I didn't hate virus. I just didn't think it was very realistic. But one problem I've always had with traveller was how high in TL A.I. was. I could see making a computer powerful enough to run a full A.I that was small enough to fit in a man sized robot TL16. But a large network should be able to have it a lot sooner. I think the out of control A.I. in AOTI is a lot more plausible. It was at a lower tech level.

Personally I just ignored it and stayed in the spinward marches. The time line went on and I didn't really have to bother with virus. virus was out there, but we were safe behind the quarantine.
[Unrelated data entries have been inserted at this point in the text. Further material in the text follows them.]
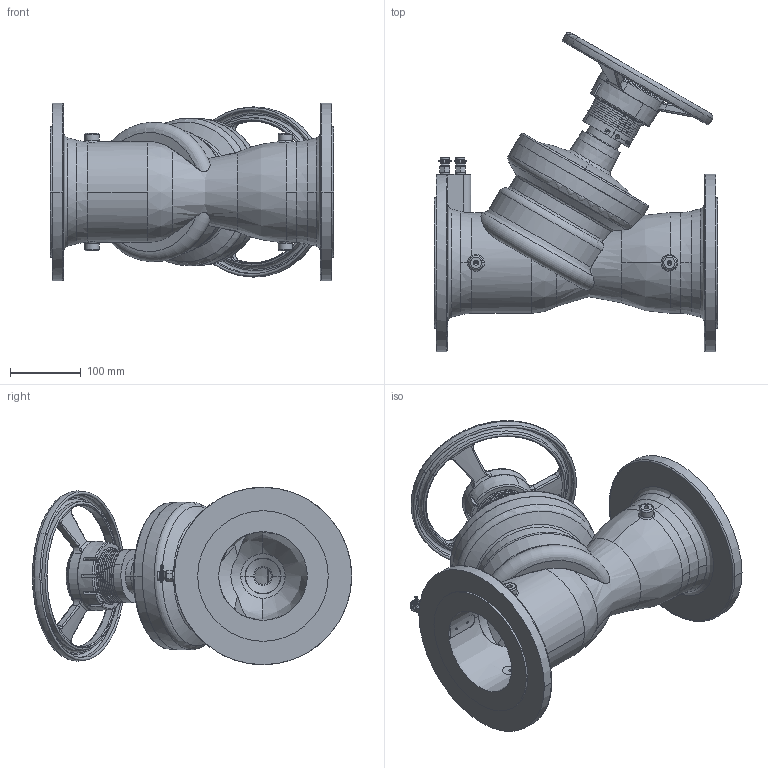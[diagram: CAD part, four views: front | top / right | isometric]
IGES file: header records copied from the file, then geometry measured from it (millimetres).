
Global section: file name: No Iges File Name specified; native system: AutoDesk Inventor R12.0; preprocessor: AutoDesk Inventor Iges Exporter R12.0; date: 20110228.094450; units: millimetre
Bounding box: 400 x 450.07 x 250 mm (x, y, z)
Volume: 6629524.3 mm3; surface area: 701467.4 mm2
Topology: 1 solids, 2 shells, 1024 faces, 2674 edges, 1714 vertices
Faces by surface type: plane 364, bspline 337, cylinder 126, revolution 92, torus 57, cone 48
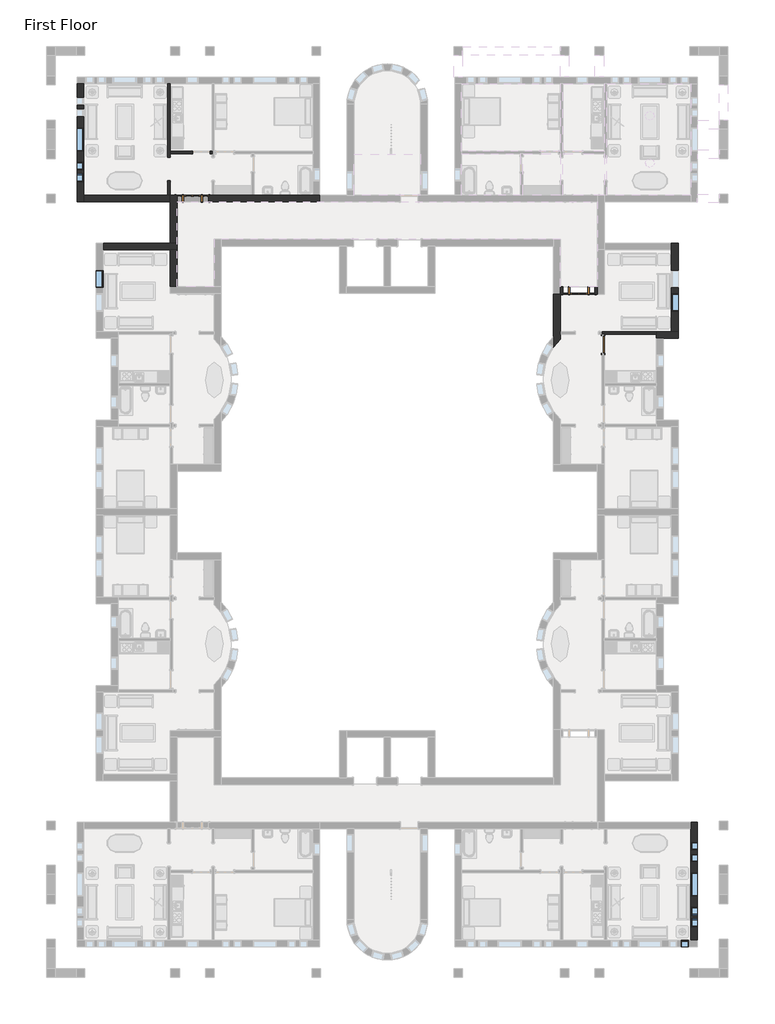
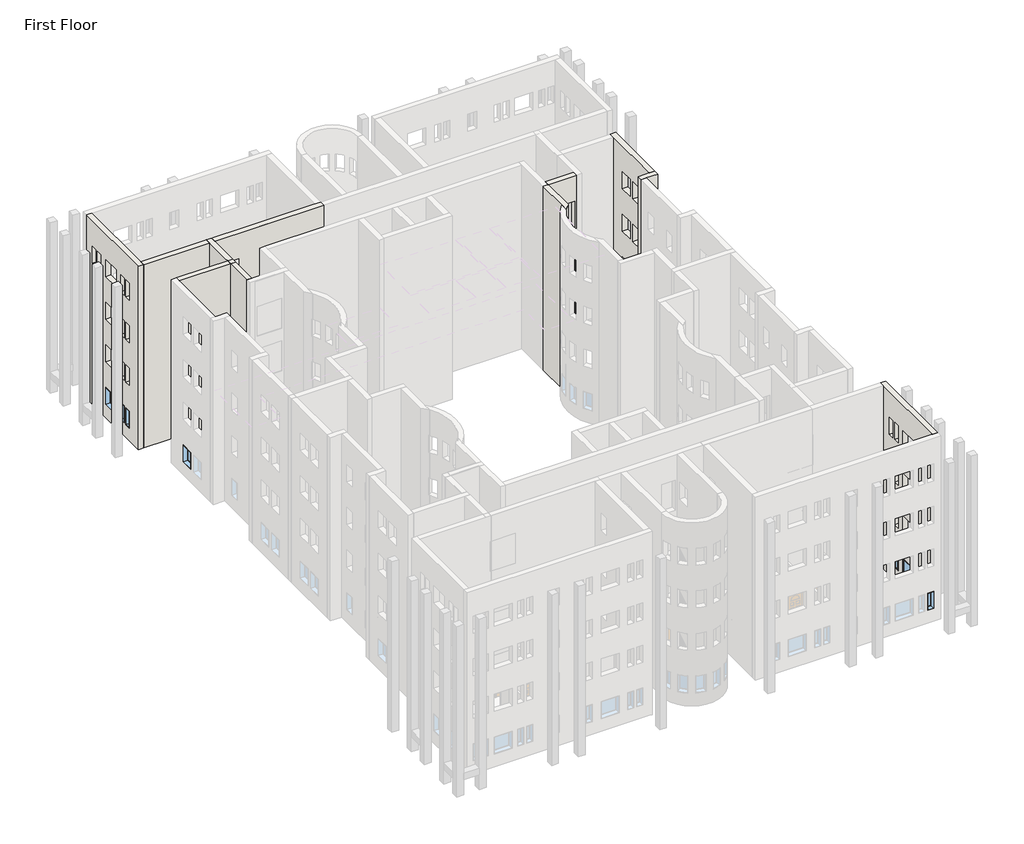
# One storey, part 12 of 21: 13 walls, 11 windows, 3 doors.
"""IFC4 building model written with IfcOpenShell, lengths in millimetres."""

from ifc_helpers import new_model, si_unit, frame, origin, origin_with_axes, place, context, project, spatial, polyline, circle_curve, outline, extrude, faceted_brep, transform, mapped, element, save
from ifc_brep_helpers import plane_surface, revolved_surface, advanced_brep
from components import door_a3eb833a, door_ffdb1193, window_da97879f, window_d61ef850, window_15c49d37, window_0e2fc6ce, window_d89bf842

model = new_model("IFC4")

# Units and contexts
model_context = context("Model", 3, world=origin())
ifc_project = project(units=[si_unit("LENGTHUNIT", "METRE", prefix="MILLI")], contexts=[model_context])

# Site, building, storey
site = spatial("IfcSite", under=ifc_project)
building = spatial("IfcBuilding", under=site)
storey = spatial("IfcBuildingStorey", under=building, Name="First Floor", Elevation=0.0)

# Doors
placement = place(None, origin())
door_shape = door_a3eb833a(model_context)
element("IfcDoor", 1, ObjectType="Single-Flush : 36\" x 84\"", at=placement, inside=storey, context=model_context, shape_type="MappedRepresentation", body=[
    mapped(door_shape, transform((-3900.4589563, -3198.3308133, 0.0), x_axis=(0.0, 1.0, 0.0), y_axis=(-1.0, 0.0, 0.0), z_axis=(0.0, 0.0, 1.0))),
])
door_2_shape = door_ffdb1193(model_context)
element("IfcDoor", 2, ObjectType="Single-Raised Panel with Sidelights : 36\" x 84\"", at=placement, inside=storey, context=model_context, shape_type="MappedRepresentation", body=[
    mapped(door_2_shape, transform((-5156.1714563, -415.4433133, 0.0), x_axis=(-1.0, 0.0, 0.0), y_axis=(0.0, -1.0, 0.0), z_axis=(0.0, 0.0, 1.0))),
])
element("IfcDoor", 3, ObjectType="Single-Raised Panel with Sidelights : 36\" x 84\"", at=placement, inside=storey, context=model_context, shape_type="MappedRepresentation", body=[
    mapped(door_2_shape, transform((-25131.6839563, 4350.2316867, 0.0), x_axis=(1.0, 0.0, 0.0), y_axis=(0.0, 1.0, 0.0), z_axis=(0.0, 0.0, 1.0))),
])

# Walls
element("IfcWall", 4, ObjectType="Exterior - Brick on Mtl. Stud", at=placement, inside=storey, context=model_context, shape_type="Brep", body=[
    faceted_brep([(-25934.9589563, -197.9558133, 0.0), (-25934.9589563, 4174.0191867, 0.0), (-25934.9589563, 4526.4441867, 0.0), (-25934.9589563, 4526.4441867, 13106.4), (-25934.9589563, 4174.0191867, 13106.4), (-25934.9589563, -197.9558133, 13106.4), (-26287.3839563, -197.9558133, 0.0), (-26287.3839563, -197.9558133, 13106.4), (-26287.3839563, 4526.4441867, 13106.4), (-26287.3839563, 4526.4441867, 0.0)], [[[0, 1, 2, 3, 4, 5]], [[6, 7, 8, 9]], [[2, 1, 0, 6, 9]], [[5, 4, 3, 8, 7]], [[3, 2, 9, 8]], [[0, 5, 7, 6]]]),
])
element("IfcWall", 5, ObjectType="Exterior - Brick on Mtl. Stud", at=placement, inside=storey, context=model_context, shape_type="SweptSolid", body=[
    extrude(outline(polyline([(0.0, -6122.9589563), (0.0, -5994.3714563), (2133.6, -5994.3714563), (2133.6, -4317.9714563), (0.0, -4317.9714563), (0.0, -4189.3839563), (13106.4, -4189.3839563), (13106.4, -6122.9589563), (0.0, -6122.9589563)]), holes=[polyline([(6096.0, -4317.9714563), (6096.0, -5994.3714563), (8229.6, -5994.3714563), (8229.6, -4317.9714563), (6096.0, -4317.9714563)]), polyline([(3048.0, -4317.9714563), (3048.0, -5994.3714563), (5181.6, -5994.3714563), (5181.6, -4317.9714563), (3048.0, -4317.9714563)]), polyline([(9144.0, -4317.9714563), (9144.0, -5994.3714563), (11277.6, -5994.3714563), (11277.6, -4317.9714563), (9144.0, -4317.9714563)])]), frame((0.0, -591.6558133, 0.0), z_axis=(0.0, 1.0, 0.0), x_axis=(0.0, 0.0, 1.0)), (0.0, 0.0, 1.0), 352.425),
])
element("IfcWall", 6, ObjectType="Exterior - Brick on Mtl. Stud", at=placement, inside=storey, context=model_context, shape_type="AdvancedBrep", body=[
    advanced_brep(
    [(-6475.3839563, -591.6558133, 0.0), (-6475.3839563, -2783.0580793, 0.0), (-6475.3839563, -3340.9526635, 0.0), (-6475.3839563, -3340.9526635, 914.4), (-6475.3839563, -3291.6644156, 914.4), (-6475.3839563, -3291.6644156, 2133.6), (-6475.3839563, -3340.9526635, 2133.6), (-6475.3839563, -3340.9526635, 3962.4), (-6475.3839563, -3291.6644156, 3962.4), (-6475.3839563, -3291.6644156, 5181.6), (-6475.3839563, -3340.9526635, 5181.6), (-6475.3839563, -3340.9526635, 7010.4), (-6475.3839563, -3291.6644156, 7010.4), (-6475.3839563, -3291.6644156, 8229.6), (-6475.3839563, -3340.9526635, 8229.6), (-6475.3839563, -3340.9526635, 10058.4), (-6475.3839563, -3291.6644156, 10058.4), (-6475.3839563, -3291.6644156, 11277.6), (-6475.3839563, -3340.9526635, 11277.6), (-6475.3839563, -3340.9526635, 13106.4), (-6475.3839563, -2783.0580793, 13106.4), (-6475.3839563, -591.6558133, 13106.4), (-6122.9589563, -2927.0589656, 0.0), (-6122.9589563, -2652.2308133, 0.0), (-6122.9589563, -2525.2308133, 0.0), (-6122.9589563, -591.6558133, 0.0), (-6122.9589563, -591.6558133, 13106.4), (-6122.9589563, -2927.0589656, 13106.4), (-6469.9143656, -3333.1638446, 11277.6), (-6469.9143656, -3333.1638446, 10058.4), (-6469.9143656, -3333.1638446, 8229.6), (-6469.9143656, -3333.1638446, 7010.4), (-6469.9143656, -3333.1638446, 5181.6), (-6469.9143656, -3333.1638446, 3962.4), (-6469.9143656, -3333.1638446, 2133.6), (-6469.9143656, -3333.1638446, 914.4), (-6453.3830671, -3304.2381051, 2133.6), (-6453.3830671, -3304.2381051, 914.4), (-6453.3830671, -3304.2381051, 11277.6), (-6453.3830671, -3304.2381051, 10058.4), (-6453.3830671, -3304.2381051, 5181.6), (-6453.3830671, -3304.2381051, 3962.4), (-6453.3830671, -3304.2381051, 8229.6), (-6453.3830671, -3304.2381051, 7010.4)],
    [
        (0, 1),
        (1, 2),
        (2, 3),
        (3, 4),
        (4, 5),
        (5, 6),
        (6, 7),
        (7, 8),
        (8, 9),
        (9, 10),
        (10, 11),
        (11, 12),
        (12, 13),
        (13, 14),
        (14, 15),
        (15, 16),
        (16, 17),
        (17, 18),
        (18, 19),
        (19, 20),
        (20, 21),
        (21, 0),
        (22, 23),
        (23, 24),
        (24, 25),
        (25, 26),
        (26, 27),
        (27, 22),
        (0, 25),
        (22, 2, circle_curve(frame((-4122.4640713, -4987.4433133, 0.0), z_axis=(0.0, 0.0, 1.0), x_axis=(0.0, 1.0, 0.0)), 2871.7875)),
        (19, 27, circle_curve(frame((-4122.4640713, -4987.4433133, 13106.4), z_axis=(0.0, 0.0, -1.0), x_axis=(0.0, 1.0, 0.0)), 2871.7875)),
        (26, 21),
        (18, 28, circle_curve(frame((-4122.4640713, -4987.4433133, 11277.6), z_axis=(0.0, 0.0, -1.0), x_axis=(0.0, 1.0, 0.0)), 2871.7875)),
        (28, 29),
        (29, 15, circle_curve(frame((-4122.4640713, -4987.4433133, 10058.4), z_axis=(0.0, 0.0, 1.0), x_axis=(0.0, 1.0, 0.0)), 2871.7875)),
        (14, 30, circle_curve(frame((-4122.4640713, -4987.4433133, 8229.6), z_axis=(0.0, 0.0, -1.0), x_axis=(0.0, 1.0, 0.0)), 2871.7875)),
        (30, 31),
        (31, 11, circle_curve(frame((-4122.4640713, -4987.4433133, 7010.4), z_axis=(0.0, 0.0, 1.0), x_axis=(0.0, 1.0, 0.0)), 2871.7875)),
        (10, 32, circle_curve(frame((-4122.4640713, -4987.4433133, 5181.6), z_axis=(0.0, 0.0, -1.0), x_axis=(0.0, 1.0, 0.0)), 2871.7875)),
        (32, 33),
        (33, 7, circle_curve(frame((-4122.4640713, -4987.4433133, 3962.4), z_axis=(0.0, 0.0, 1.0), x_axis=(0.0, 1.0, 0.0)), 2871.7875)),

Regency for the win!
 
So I'm curious, would you have liked the Virus if it:

  • were contained to a sector or two?
  • were "more realistic" (transmitted itself in the usual 21st century ways)?
  • had easy antivirus countermeasures?
  • were not sentient?
  • didn't tableflip the 3I canon?
  • left psionics out of it?

Which of those things are important to you?
 
So I'm curious, would you have liked the Virus if it:

  • were contained to a sector or two?
  • were "more realistic" (transmitted itself in the usual 21st century ways)?
  • had easy antivirus countermeasures?
  • were not sentient?
  • didn't tableflip the 3I canon?
  • left psionics out of it?

Which of those things are important to you?

I don't hate Virus, I hate what GDW used Virus to do to the setting.
These are the ones that I would have preferred:

  • Didn't tableflip the 3I canon.
  • Was contained to a sector or two.
  • Had reasonable antivirus countermeasures.
Of course, I would have preferred that the Rebellion never got to the Hard Times era in the first place, and that the Rebellion had resolved itself in some reasonable manner and moved on . . .
 
So I'm curious, would you have liked the Virus if it:

  1. were contained to a sector or two?
  2. were "more realistic" (transmitted itself in the usual 21st century ways)?
  3. had easy antivirus countermeasures?
  4. were not sentient?
  5. didn't tableflip the 3I canon?
  6. left psionics out of it?

Which of those things are important to you?
1: no
2: yes
3: kind-of...
4: Oh, yes
5: It was a little late for that. Virus was not needed to table-flip, as Hard times had done that already. Virus was just wizzing upon the grave..
6: makes no difference to me.

See, the only reason I factor Psi in at all is because the half-assed explanation was bogus upon its face. To do what it did by rules, either each and every electronic device was heavily networked, and designed by total freaking idiots.

I wanted to like the New Era - but it failed as a setting to be interesting to me and mine, and didn't match the tech paradigms of the prior editions.

And Hard Times had already altered much of the setting drastically.

Add to that the mere 70 year span... in 70 years, most peoples parents remembered the war.